## What the task requires
Output the whole listing exactly, with no pictures.

## Dataset extract
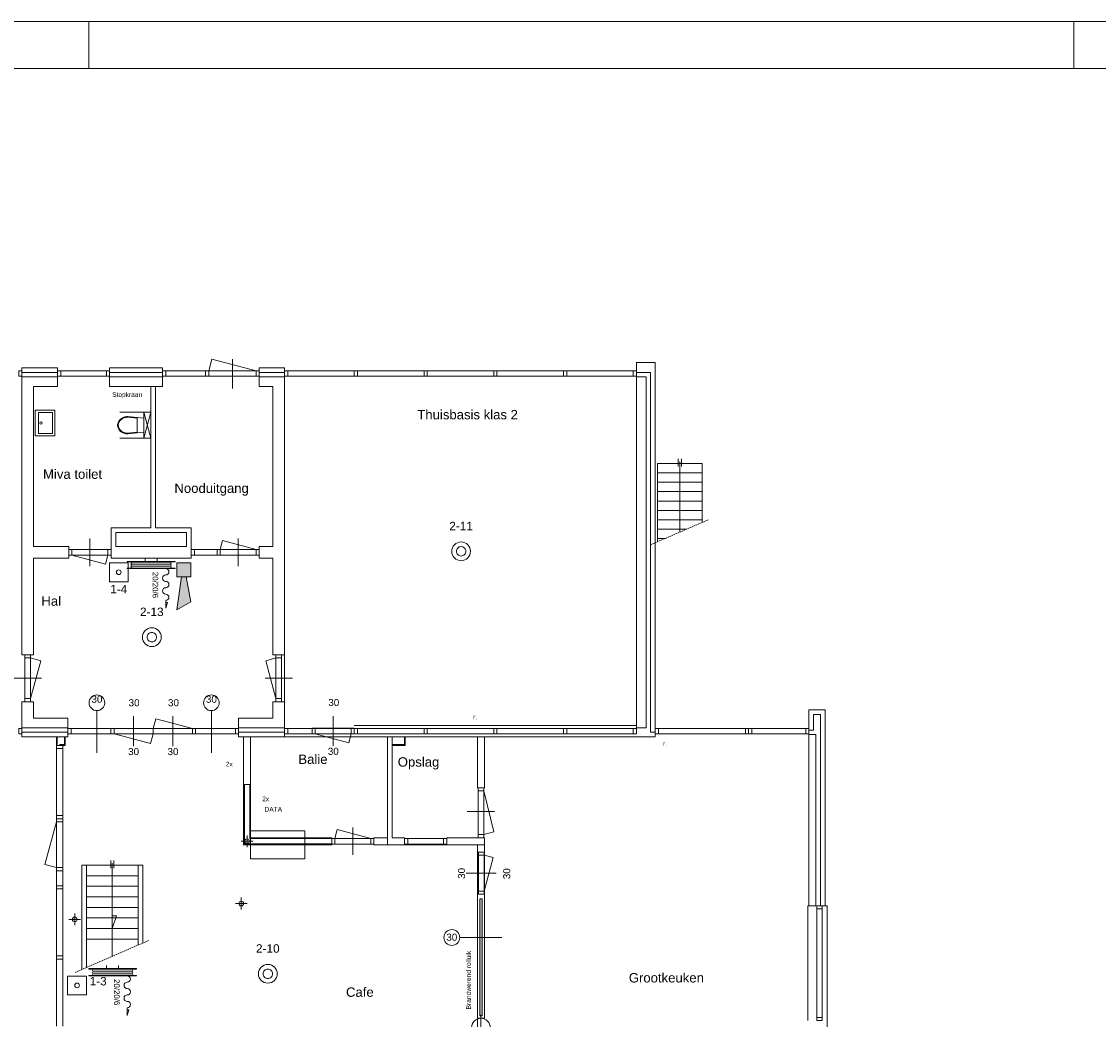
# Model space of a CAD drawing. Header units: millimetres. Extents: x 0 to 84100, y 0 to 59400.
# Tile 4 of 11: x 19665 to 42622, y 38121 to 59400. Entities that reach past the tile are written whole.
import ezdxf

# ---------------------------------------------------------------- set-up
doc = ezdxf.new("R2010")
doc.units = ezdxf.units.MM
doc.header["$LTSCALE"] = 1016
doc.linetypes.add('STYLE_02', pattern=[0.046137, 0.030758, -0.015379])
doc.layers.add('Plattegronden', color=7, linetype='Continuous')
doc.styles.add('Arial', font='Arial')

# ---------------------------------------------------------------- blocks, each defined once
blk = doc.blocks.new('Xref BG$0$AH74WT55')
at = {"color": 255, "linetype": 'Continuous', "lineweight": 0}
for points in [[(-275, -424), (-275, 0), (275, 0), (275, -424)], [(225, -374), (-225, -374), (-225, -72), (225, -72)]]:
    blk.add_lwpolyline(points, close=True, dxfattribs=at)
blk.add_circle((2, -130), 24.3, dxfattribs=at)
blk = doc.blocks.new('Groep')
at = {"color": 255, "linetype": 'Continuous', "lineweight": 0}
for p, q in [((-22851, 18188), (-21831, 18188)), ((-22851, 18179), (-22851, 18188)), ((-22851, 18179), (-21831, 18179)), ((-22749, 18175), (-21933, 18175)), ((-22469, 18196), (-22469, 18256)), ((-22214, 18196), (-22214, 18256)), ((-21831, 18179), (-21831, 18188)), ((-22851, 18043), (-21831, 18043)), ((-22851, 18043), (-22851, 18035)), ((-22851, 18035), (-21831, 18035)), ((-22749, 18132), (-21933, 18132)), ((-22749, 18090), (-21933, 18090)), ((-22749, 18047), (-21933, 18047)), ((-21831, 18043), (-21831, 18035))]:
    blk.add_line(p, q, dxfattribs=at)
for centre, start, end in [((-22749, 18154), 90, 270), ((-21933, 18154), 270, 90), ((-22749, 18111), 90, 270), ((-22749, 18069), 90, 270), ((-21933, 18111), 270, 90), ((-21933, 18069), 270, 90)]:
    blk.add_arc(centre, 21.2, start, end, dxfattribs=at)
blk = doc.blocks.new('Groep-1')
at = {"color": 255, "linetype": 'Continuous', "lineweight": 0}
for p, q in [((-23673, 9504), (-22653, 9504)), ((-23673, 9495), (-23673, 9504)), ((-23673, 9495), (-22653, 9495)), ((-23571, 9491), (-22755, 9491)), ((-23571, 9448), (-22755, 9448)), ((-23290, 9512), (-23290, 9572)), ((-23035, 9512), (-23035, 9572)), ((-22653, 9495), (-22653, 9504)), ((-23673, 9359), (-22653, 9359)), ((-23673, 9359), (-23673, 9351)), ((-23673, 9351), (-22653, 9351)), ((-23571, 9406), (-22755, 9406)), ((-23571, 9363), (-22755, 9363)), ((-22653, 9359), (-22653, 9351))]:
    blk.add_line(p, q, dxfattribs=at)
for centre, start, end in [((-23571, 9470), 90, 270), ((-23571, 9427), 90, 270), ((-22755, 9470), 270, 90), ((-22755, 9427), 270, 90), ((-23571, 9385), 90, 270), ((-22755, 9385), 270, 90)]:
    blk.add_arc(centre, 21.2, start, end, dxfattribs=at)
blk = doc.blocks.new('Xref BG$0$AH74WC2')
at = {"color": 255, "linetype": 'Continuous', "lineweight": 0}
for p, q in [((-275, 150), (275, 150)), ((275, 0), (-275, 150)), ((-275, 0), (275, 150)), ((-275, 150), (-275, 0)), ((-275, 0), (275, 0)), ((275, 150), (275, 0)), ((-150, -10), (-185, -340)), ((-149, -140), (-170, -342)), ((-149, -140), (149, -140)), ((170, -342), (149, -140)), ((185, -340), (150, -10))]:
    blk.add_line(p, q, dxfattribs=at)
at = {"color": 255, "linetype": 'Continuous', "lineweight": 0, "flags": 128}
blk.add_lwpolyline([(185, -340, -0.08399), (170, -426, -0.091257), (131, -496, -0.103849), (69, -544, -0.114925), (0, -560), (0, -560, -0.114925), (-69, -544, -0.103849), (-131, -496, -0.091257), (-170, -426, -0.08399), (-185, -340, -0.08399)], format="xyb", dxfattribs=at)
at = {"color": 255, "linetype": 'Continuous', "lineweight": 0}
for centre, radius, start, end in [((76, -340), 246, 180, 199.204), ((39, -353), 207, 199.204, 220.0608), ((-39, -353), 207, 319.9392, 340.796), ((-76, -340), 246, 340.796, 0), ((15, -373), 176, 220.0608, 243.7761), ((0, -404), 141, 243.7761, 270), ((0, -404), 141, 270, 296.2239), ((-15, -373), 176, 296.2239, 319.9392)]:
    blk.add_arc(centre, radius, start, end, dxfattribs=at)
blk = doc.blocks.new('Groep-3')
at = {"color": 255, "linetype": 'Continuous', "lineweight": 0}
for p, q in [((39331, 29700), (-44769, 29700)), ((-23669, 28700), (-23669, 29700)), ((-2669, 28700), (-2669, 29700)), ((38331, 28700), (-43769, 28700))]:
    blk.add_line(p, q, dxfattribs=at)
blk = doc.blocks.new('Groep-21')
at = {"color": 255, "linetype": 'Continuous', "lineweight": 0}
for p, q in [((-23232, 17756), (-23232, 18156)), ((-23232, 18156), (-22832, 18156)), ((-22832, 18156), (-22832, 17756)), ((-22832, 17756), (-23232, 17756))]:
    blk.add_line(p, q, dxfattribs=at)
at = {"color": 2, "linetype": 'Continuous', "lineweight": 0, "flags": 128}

## Answer to this exercise
# Model space of a CAD drawing. Header units: millimetres. Extents: x 0 to 84100, y 0 to 59400.
# Tile 4 of 11: x 19665 to 42622, y 38121 to 59400. Entities that reach past the tile are written whole.
import ezdxf

# ---------------------------------------------------------------- set-up
doc = ezdxf.new("R2010")
doc.units = ezdxf.units.MM
doc.header["$LTSCALE"] = 1016
doc.linetypes.add('STYLE_02', pattern=[0.046137, 0.030758, -0.015379])
doc.layers.add('Plattegronden', color=7, linetype='Continuous')
doc.styles.add('Arial', font='Arial')

# ---------------------------------------------------------------- blocks, each defined once
blk = doc.blocks.new('Xref BG$0$AH74WT55')
at = {"color": 255, "linetype": 'Continuous', "lineweight": 0}
for points in [[(-275, -424), (-275, 0), (275, 0), (275, -424)], [(225, -374), (-225, -374), (-225, -72), (225, -72)]]:
    blk.add_lwpolyline(points, close=True, dxfattribs=at)
blk.add_circle((2, -130), 24.3, dxfattribs=at)
blk = doc.blocks.new('Groep')
at = {"color": 255, "linetype": 'Continuous', "lineweight": 0}
for p, q in [((-22851, 18188), (-21831, 18188)), ((-22851, 18179), (-22851, 18188)), ((-22851, 18179), (-21831, 18179)), ((-22749, 18175), (-21933, 18175)), ((-22469, 18196), (-22469, 18256)), ((-22214, 18196), (-22214, 18256)), ((-21831, 18179), (-21831, 18188)), ((-22851, 18043), (-21831, 18043)), ((-22851, 18043), (-22851, 18035)), ((-22851, 18035), (-21831, 18035)), ((-22749, 18132), (-21933, 18132)), ((-22749, 18090), (-21933, 18090)), ((-22749, 18047), (-21933, 18047)), ((-21831, 18043), (-21831, 18035))]:
    blk.add_line(p, q, dxfattribs=at)
for centre, start, end in [((-22749, 18154), 90, 270), ((-21933, 18154), 270, 90), ((-22749, 18111), 90, 270), ((-22749, 18069), 90, 270), ((-21933, 18111), 270, 90), ((-21933, 18069), 270, 90)]:
    blk.add_arc(centre, 21.2, start, end, dxfattribs=at)
blk = doc.blocks.new('Groep-1')
at = {"color": 255, "linetype": 'Continuous', "lineweight": 0}
for p, q in [((-23673, 9504), (-22653, 9504)), ((-23673, 9495), (-23673, 9504)), ((-23673, 9495), (-22653, 9495)), ((-23571, 9491), (-22755, 9491)), ((-23571, 9448), (-22755, 9448)), ((-23290, 9512), (-23290, 9572)), ((-23035, 9512), (-23035, 9572)), ((-22653, 9495), (-22653, 9504)), ((-23673, 9359), (-22653, 9359)), ((-23673, 9359), (-23673, 9351)), ((-23673, 9351), (-22653, 9351)), ((-23571, 9406), (-22755, 9406)), ((-23571, 9363), (-22755, 9363)), ((-22653, 9359), (-22653, 9351))]:
    blk.add_line(p, q, dxfattribs=at)
for centre, start, end in [((-23571, 9470), 90, 270), ((-23571, 9427), 90, 270), ((-22755, 9470), 270, 90), ((-22755, 9427), 270, 90), ((-23571, 9385), 90, 270), ((-22755, 9385), 270, 90)]:
    blk.add_arc(centre, 21.2, start, end, dxfattribs=at)
blk = doc.blocks.new('Xref BG$0$AH74WC2')
at = {"color": 255, "linetype": 'Continuous', "lineweight": 0}
for p, q in [((-275, 150), (275, 150)), ((275, 0), (-275, 150)), ((-275, 0), (275, 150)), ((-275, 150), (-275, 0)), ((-275, 0), (275, 0)), ((275, 150), (275, 0)), ((-150, -10), (-185, -340)), ((-149, -140), (-170, -342)), ((-149, -140), (149, -140)), ((170, -342), (149, -140)), ((185, -340), (150, -10))]:
    blk.add_line(p, q, dxfattribs=at)
at = {"color": 255, "linetype": 'Continuous', "lineweight": 0, "flags": 128}
blk.add_lwpolyline([(185, -340, -0.08399), (170, -426, -0.091257), (131, -496, -0.103849), (69, -544, -0.114925), (0, -560), (0, -560, -0.114925), (-69, -544, -0.103849), (-131, -496, -0.091257), (-170, -426, -0.08399), (-185, -340, -0.08399)], format="xyb", dxfattribs=at)
at = {"color": 255, "linetype": 'Continuous', "lineweight": 0}
for centre, radius, start, end in [((76, -340), 246, 180, 199.204), ((39, -353), 207, 199.204, 220.0608), ((-39, -353), 207, 319.9392, 340.796), ((-76, -340), 246, 340.796, 0), ((15, -373), 176, 220.0608, 243.7761), ((0, -404), 141, 243.7761, 270), ((0, -404), 141, 270, 296.2239), ((-15, -373), 176, 296.2239, 319.9392)]:
    blk.add_arc(centre, radius, start, end, dxfattribs=at)
blk = doc.blocks.new('Groep-3')
at = {"color": 255, "linetype": 'Continuous', "lineweight": 0}
for p, q in [((39331, 29700), (-44769, 29700)), ((-23669, 28700), (-23669, 29700)), ((-2669, 28700), (-2669, 29700)), ((38331, 28700), (-43769, 28700))]:
    blk.add_line(p, q, dxfattribs=at)
blk = doc.blocks.new('Groep-21')
at = {"color": 255, "linetype": 'Continuous', "lineweight": 0}
for p, q in [((-23232, 17756), (-23232, 18156)), ((-23232, 18156), (-22832, 18156)), ((-22832, 18156), (-22832, 17756)), ((-22832, 17756), (-23232, 17756))]:
    blk.add_line(p, q, dxfattribs=at)
at = {"color": 2, "linetype": 'Continuous', "lineweight": 0, "flags": 128}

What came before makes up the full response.